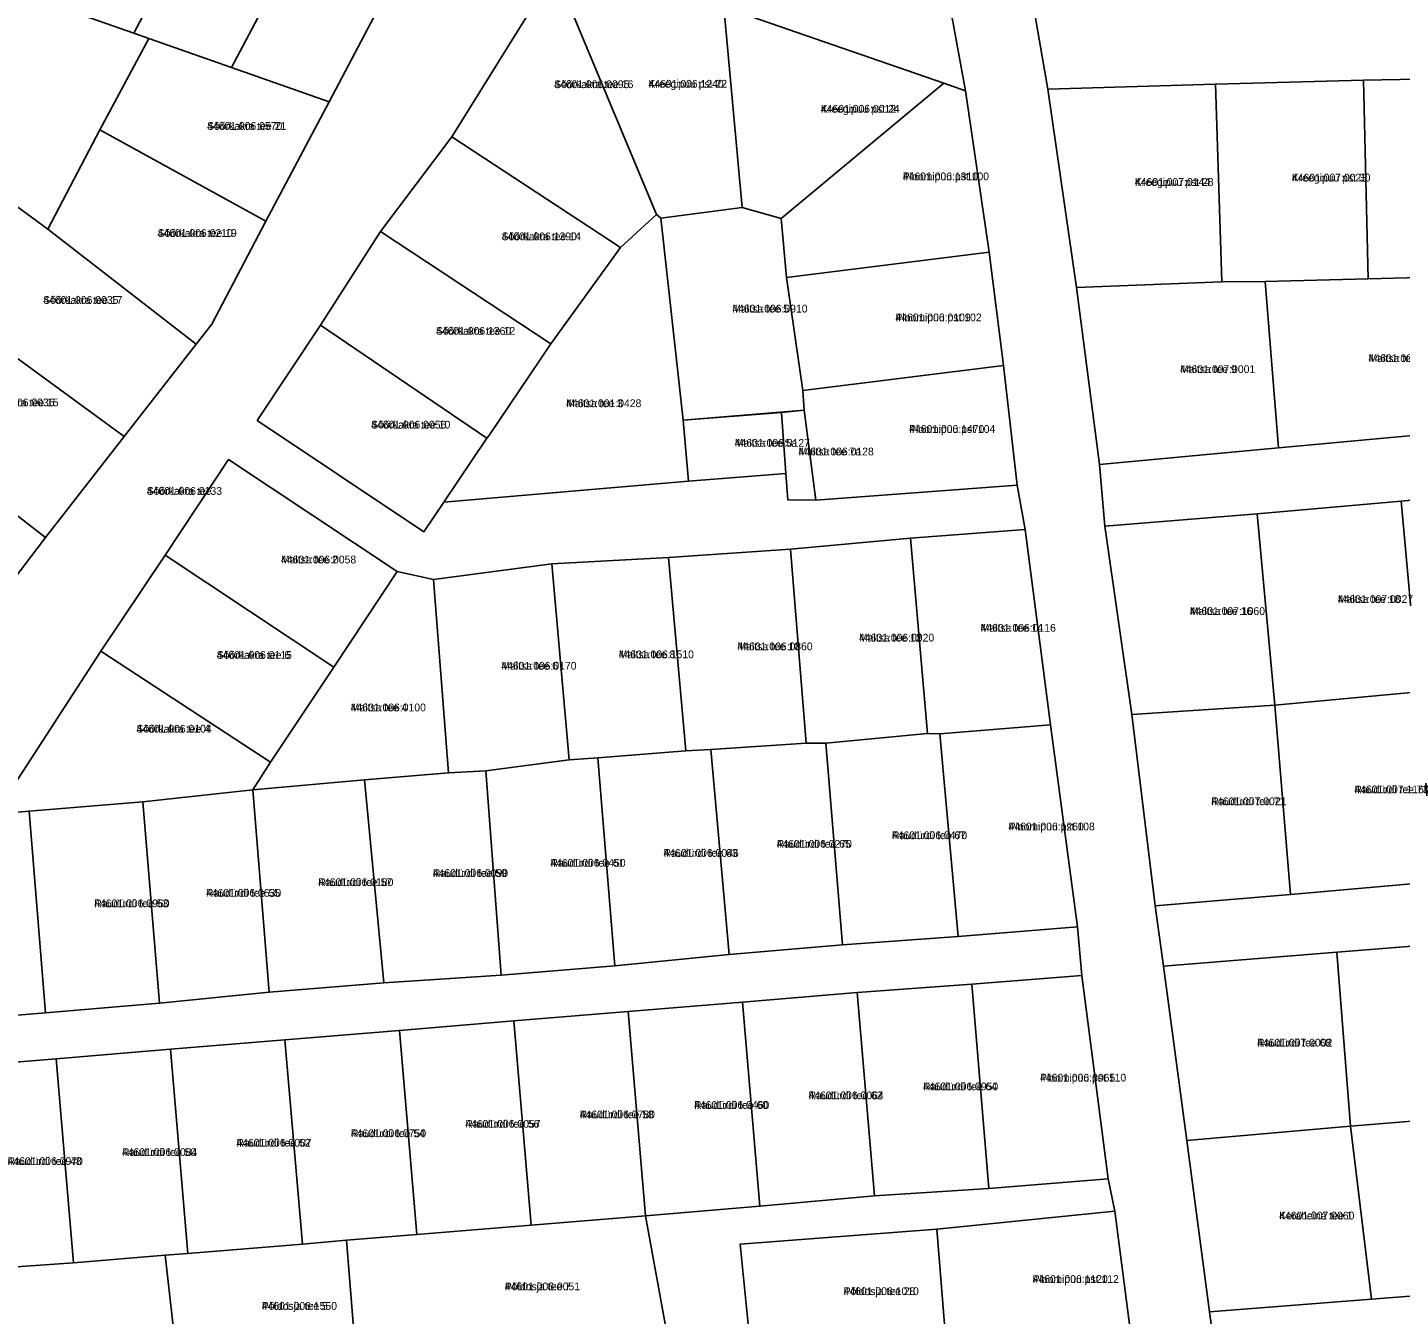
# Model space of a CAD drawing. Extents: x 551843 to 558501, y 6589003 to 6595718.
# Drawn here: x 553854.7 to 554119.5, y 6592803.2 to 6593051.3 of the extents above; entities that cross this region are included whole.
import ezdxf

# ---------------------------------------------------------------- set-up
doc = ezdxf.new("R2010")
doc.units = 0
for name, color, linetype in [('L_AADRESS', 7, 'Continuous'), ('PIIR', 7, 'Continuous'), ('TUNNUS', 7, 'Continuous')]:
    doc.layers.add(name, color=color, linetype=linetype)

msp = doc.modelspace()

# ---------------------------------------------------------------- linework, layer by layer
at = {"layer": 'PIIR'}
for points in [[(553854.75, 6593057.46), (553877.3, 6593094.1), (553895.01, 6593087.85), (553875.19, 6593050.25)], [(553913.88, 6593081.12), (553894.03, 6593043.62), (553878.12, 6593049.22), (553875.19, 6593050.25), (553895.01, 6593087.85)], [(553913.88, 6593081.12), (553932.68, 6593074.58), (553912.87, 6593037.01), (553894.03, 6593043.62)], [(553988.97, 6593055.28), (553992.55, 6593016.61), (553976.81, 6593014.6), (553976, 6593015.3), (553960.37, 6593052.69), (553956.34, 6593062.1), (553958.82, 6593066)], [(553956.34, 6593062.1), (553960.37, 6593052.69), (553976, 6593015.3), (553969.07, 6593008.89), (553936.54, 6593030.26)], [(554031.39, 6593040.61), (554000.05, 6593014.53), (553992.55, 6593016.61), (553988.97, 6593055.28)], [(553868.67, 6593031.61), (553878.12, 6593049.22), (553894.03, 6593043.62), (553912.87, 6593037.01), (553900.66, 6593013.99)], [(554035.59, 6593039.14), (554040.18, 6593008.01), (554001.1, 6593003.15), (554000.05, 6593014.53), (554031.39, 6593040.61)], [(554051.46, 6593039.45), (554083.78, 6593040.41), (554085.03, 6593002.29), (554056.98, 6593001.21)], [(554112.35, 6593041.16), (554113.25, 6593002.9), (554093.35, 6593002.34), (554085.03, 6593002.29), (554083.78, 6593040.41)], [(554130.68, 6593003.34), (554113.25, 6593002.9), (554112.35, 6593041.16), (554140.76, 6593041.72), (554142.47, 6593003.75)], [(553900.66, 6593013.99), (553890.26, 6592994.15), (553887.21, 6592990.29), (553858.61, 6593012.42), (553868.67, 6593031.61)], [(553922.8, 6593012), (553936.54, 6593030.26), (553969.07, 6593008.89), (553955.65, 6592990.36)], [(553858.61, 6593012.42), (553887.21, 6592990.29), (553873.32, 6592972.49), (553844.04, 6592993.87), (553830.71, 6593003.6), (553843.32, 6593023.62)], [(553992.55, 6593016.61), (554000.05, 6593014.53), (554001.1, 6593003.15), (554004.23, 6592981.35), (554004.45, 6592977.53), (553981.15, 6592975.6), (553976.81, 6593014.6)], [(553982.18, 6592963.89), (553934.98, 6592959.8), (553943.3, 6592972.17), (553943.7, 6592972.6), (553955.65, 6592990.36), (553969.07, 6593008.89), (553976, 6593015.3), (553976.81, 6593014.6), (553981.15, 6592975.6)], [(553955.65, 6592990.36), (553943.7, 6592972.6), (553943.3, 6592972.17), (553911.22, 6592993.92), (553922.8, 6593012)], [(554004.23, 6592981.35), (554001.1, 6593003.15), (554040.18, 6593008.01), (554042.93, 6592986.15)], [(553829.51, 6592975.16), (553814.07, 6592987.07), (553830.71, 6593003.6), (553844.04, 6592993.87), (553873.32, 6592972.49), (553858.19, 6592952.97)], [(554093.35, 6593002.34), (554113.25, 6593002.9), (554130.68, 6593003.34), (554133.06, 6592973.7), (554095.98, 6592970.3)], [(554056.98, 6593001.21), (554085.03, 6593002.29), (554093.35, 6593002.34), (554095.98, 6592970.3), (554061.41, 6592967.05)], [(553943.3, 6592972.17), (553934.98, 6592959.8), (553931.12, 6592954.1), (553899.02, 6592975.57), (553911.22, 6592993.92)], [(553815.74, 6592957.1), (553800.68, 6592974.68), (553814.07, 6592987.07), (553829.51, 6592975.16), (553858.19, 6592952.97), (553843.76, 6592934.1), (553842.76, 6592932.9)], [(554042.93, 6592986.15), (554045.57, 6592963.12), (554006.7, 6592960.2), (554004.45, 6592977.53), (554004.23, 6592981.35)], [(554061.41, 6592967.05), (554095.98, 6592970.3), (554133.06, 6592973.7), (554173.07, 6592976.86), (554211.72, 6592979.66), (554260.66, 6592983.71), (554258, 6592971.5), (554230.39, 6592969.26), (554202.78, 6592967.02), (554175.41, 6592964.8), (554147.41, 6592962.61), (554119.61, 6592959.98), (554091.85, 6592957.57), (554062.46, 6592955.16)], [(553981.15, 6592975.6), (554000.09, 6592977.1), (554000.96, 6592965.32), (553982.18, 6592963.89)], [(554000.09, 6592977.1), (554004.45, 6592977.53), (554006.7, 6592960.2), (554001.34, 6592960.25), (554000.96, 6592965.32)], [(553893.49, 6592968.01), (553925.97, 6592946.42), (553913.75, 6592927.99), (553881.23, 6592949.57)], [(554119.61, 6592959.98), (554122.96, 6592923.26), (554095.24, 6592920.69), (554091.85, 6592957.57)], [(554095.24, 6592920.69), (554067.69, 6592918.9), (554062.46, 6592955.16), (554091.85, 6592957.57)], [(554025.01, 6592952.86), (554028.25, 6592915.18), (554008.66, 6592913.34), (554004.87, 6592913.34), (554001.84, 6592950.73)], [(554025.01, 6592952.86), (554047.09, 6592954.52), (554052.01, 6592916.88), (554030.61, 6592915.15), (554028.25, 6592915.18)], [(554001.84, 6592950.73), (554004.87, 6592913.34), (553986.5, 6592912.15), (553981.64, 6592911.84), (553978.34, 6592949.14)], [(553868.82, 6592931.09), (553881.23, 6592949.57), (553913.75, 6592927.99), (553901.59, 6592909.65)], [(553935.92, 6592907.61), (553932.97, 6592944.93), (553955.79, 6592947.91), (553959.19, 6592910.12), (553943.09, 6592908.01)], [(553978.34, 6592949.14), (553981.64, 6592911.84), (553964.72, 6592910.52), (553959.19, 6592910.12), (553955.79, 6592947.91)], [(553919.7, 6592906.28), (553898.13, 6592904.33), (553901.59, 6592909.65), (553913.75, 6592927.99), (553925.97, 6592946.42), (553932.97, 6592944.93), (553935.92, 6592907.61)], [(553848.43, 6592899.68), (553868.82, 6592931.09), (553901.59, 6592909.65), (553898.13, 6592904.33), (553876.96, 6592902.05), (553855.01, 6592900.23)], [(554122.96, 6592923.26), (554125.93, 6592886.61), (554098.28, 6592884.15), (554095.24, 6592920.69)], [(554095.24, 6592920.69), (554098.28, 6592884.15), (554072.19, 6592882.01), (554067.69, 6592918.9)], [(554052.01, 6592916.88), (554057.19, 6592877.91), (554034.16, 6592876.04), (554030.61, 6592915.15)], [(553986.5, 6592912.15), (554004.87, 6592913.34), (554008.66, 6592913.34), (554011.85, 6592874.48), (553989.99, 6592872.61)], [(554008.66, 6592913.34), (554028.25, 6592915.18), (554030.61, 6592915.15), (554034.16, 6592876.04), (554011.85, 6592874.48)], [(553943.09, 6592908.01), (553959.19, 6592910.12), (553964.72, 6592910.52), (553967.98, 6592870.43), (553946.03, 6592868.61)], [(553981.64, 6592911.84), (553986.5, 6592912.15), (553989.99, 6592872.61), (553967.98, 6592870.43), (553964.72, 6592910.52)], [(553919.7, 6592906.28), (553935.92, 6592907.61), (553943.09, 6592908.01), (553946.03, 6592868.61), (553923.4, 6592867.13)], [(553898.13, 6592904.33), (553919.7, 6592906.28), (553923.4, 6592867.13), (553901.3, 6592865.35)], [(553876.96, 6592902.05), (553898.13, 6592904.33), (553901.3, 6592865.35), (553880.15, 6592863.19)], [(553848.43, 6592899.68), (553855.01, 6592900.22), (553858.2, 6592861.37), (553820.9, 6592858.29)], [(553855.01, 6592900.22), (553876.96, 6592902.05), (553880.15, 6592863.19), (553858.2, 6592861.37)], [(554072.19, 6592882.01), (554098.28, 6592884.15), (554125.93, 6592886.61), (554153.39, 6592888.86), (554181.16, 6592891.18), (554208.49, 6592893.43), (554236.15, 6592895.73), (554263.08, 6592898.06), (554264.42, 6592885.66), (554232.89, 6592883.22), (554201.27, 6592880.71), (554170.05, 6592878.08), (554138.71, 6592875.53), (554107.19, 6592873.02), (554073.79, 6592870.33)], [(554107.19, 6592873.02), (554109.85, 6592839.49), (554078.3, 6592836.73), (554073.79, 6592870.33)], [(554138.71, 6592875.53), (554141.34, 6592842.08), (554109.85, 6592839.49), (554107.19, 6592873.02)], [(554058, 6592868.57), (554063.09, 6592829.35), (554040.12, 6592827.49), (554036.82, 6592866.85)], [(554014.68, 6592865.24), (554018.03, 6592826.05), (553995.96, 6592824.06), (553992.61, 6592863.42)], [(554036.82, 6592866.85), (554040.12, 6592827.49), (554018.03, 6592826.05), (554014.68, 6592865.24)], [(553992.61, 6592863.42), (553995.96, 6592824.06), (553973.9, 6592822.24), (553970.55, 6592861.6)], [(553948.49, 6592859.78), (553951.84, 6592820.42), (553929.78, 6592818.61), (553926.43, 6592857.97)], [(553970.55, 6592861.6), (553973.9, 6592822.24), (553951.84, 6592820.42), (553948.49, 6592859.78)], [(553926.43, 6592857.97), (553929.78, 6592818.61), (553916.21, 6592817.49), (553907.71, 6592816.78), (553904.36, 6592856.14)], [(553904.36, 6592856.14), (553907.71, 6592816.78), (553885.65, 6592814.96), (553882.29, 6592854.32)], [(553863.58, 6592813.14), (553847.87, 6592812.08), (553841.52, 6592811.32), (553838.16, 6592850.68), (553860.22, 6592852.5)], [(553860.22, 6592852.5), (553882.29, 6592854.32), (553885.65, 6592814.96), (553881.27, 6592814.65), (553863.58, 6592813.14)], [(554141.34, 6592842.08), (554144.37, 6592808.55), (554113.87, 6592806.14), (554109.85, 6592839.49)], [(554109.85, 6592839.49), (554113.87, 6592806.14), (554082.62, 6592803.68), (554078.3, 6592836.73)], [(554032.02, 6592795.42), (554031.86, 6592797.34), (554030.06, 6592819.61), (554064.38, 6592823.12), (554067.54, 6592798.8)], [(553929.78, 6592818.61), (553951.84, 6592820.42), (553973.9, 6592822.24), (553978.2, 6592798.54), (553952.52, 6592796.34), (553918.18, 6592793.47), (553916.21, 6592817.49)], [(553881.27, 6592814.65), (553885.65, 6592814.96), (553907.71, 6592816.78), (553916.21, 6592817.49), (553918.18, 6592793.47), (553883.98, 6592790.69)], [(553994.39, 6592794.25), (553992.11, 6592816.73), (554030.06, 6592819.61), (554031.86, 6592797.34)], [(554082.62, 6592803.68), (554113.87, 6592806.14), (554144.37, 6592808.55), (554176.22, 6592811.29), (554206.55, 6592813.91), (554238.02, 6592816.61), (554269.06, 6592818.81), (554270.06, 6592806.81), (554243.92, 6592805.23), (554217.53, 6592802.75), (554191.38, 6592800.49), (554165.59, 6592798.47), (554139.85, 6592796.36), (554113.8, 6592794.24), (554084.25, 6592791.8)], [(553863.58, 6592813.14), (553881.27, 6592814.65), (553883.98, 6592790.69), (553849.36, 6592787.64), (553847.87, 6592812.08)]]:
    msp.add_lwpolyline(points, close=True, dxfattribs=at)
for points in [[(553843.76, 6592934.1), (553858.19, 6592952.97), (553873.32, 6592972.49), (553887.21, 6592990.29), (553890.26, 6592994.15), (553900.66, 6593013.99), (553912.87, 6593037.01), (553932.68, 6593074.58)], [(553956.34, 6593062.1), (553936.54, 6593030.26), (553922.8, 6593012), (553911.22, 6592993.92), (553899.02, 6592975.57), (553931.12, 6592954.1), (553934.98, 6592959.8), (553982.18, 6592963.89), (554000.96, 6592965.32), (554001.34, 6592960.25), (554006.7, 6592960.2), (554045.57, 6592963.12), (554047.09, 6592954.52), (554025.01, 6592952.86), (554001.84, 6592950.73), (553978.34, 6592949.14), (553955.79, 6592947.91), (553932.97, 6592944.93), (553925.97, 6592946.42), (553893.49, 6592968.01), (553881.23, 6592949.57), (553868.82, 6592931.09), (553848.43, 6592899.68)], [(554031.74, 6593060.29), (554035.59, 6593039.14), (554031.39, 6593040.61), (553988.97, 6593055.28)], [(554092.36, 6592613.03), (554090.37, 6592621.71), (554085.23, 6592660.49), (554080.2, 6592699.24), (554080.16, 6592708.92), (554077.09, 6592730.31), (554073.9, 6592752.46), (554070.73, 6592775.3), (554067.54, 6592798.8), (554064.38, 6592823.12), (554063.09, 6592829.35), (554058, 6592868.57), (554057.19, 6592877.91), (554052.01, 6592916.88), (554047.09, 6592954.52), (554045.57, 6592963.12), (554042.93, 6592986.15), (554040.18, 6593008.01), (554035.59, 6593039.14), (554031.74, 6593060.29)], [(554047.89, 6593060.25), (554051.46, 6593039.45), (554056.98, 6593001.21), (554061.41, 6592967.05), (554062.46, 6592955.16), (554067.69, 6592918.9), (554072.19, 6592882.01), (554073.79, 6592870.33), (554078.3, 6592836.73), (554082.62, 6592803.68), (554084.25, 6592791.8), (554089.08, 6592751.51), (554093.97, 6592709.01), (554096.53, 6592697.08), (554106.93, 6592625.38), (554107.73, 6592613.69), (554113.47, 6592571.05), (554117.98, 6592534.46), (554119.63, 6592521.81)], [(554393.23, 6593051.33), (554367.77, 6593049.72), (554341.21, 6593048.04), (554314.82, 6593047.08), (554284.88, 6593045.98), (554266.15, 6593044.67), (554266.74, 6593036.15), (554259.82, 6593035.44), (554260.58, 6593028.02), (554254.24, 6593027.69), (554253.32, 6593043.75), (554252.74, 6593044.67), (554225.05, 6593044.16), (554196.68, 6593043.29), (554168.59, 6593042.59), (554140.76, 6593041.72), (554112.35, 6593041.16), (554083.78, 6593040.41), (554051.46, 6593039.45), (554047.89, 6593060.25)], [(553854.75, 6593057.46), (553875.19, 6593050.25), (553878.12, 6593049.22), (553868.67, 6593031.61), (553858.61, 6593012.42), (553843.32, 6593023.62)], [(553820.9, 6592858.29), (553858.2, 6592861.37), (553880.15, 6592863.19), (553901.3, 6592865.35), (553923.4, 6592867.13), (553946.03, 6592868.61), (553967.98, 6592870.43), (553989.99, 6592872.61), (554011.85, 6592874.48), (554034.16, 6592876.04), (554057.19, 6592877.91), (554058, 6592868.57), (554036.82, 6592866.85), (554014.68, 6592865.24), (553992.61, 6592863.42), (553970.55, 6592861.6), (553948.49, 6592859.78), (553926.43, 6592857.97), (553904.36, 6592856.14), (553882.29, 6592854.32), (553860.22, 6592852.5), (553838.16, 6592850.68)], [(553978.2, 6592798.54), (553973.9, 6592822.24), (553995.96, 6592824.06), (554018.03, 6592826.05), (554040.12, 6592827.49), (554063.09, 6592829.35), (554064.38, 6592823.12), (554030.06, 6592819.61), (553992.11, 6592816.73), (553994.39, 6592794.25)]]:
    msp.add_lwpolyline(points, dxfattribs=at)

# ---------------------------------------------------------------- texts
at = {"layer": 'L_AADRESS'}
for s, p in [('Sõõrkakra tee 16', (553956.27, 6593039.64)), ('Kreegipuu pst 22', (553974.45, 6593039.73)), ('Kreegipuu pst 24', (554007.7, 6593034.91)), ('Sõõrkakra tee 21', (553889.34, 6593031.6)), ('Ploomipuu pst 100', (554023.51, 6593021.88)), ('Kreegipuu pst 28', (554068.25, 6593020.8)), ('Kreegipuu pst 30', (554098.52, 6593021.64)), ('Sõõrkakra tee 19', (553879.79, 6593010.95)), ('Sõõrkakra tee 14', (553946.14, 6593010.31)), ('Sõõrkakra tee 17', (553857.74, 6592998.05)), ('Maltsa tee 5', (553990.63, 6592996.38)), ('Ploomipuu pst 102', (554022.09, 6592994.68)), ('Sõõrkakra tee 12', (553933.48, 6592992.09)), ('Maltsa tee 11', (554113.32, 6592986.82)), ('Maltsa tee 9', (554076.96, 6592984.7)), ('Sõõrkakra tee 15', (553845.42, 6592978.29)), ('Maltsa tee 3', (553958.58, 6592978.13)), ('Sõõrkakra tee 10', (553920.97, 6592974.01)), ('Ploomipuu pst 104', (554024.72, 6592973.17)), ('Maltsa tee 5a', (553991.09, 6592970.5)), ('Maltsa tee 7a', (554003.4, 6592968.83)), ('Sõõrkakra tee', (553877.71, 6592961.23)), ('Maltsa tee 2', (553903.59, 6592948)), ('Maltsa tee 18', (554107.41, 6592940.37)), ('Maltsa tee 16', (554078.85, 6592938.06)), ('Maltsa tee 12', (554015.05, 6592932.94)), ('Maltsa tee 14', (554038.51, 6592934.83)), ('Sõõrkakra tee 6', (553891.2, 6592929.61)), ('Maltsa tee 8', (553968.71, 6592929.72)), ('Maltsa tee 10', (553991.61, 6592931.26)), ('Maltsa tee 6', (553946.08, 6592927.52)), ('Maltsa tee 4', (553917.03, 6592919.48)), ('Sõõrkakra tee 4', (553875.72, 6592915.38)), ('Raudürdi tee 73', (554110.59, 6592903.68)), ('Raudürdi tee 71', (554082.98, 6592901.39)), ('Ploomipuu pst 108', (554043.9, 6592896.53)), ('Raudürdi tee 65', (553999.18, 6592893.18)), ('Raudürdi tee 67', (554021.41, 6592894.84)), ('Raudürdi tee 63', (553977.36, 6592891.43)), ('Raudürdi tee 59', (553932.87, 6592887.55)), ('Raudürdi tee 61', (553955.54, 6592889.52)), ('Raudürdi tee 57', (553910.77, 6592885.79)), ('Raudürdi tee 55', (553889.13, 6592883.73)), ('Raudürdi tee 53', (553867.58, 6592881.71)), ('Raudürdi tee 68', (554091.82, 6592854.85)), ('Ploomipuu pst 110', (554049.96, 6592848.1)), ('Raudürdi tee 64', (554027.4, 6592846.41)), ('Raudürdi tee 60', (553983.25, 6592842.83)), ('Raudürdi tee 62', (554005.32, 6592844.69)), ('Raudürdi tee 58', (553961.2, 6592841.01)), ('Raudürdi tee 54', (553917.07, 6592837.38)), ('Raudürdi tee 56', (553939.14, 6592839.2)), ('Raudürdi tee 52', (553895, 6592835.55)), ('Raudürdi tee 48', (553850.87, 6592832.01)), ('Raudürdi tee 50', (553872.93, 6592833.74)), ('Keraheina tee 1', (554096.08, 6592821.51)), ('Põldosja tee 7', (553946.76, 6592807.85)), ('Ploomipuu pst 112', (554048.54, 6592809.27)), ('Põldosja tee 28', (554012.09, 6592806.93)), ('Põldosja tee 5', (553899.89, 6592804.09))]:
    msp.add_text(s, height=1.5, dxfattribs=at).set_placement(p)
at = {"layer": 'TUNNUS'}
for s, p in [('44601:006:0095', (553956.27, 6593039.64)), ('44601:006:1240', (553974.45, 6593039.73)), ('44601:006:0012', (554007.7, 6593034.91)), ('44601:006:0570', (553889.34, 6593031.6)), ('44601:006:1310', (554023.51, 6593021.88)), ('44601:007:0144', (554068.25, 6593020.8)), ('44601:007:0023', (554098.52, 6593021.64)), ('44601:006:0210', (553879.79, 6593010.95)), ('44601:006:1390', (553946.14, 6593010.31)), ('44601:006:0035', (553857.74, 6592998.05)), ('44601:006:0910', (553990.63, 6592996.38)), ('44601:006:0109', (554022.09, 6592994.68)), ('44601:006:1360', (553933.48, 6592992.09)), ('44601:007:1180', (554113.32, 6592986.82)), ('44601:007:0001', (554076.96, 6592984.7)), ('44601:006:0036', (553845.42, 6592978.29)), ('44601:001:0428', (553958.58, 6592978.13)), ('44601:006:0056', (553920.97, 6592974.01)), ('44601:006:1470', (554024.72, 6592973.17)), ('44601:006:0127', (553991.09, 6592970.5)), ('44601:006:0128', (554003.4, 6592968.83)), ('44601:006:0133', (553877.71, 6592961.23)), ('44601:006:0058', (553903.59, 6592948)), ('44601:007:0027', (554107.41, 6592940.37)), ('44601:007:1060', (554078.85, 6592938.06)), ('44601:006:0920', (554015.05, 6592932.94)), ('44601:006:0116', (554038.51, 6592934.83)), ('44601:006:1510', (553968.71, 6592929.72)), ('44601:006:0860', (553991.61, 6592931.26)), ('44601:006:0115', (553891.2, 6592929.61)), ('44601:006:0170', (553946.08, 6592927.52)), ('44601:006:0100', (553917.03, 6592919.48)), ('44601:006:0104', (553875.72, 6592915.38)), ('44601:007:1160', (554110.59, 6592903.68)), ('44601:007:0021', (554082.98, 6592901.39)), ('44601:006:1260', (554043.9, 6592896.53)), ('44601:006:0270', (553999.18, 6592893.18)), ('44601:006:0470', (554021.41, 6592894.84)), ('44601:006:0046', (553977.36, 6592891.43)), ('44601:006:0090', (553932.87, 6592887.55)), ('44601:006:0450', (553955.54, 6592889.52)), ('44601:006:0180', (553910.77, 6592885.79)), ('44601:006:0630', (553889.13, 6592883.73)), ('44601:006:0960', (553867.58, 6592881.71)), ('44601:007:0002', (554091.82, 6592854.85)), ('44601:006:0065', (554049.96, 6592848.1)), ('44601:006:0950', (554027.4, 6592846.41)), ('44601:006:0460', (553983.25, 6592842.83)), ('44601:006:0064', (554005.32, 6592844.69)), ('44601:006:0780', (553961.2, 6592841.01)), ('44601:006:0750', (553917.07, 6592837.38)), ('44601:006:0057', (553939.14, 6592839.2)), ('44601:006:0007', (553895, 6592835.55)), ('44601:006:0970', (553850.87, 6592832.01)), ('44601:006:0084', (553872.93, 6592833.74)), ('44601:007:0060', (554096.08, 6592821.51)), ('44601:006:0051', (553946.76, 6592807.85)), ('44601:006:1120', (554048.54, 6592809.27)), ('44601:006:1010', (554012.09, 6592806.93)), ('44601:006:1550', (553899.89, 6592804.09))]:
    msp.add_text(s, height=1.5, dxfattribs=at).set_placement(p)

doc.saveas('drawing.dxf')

WORK INSTRUCTION:
Please go through the data above and copy every line that has the word "drawing".

ANSWER SPACE:
# Model space of a CAD drawing. Extents: x 551843 to 558501, y 6589003 to 6595718.
doc.saveas('drawing.dxf')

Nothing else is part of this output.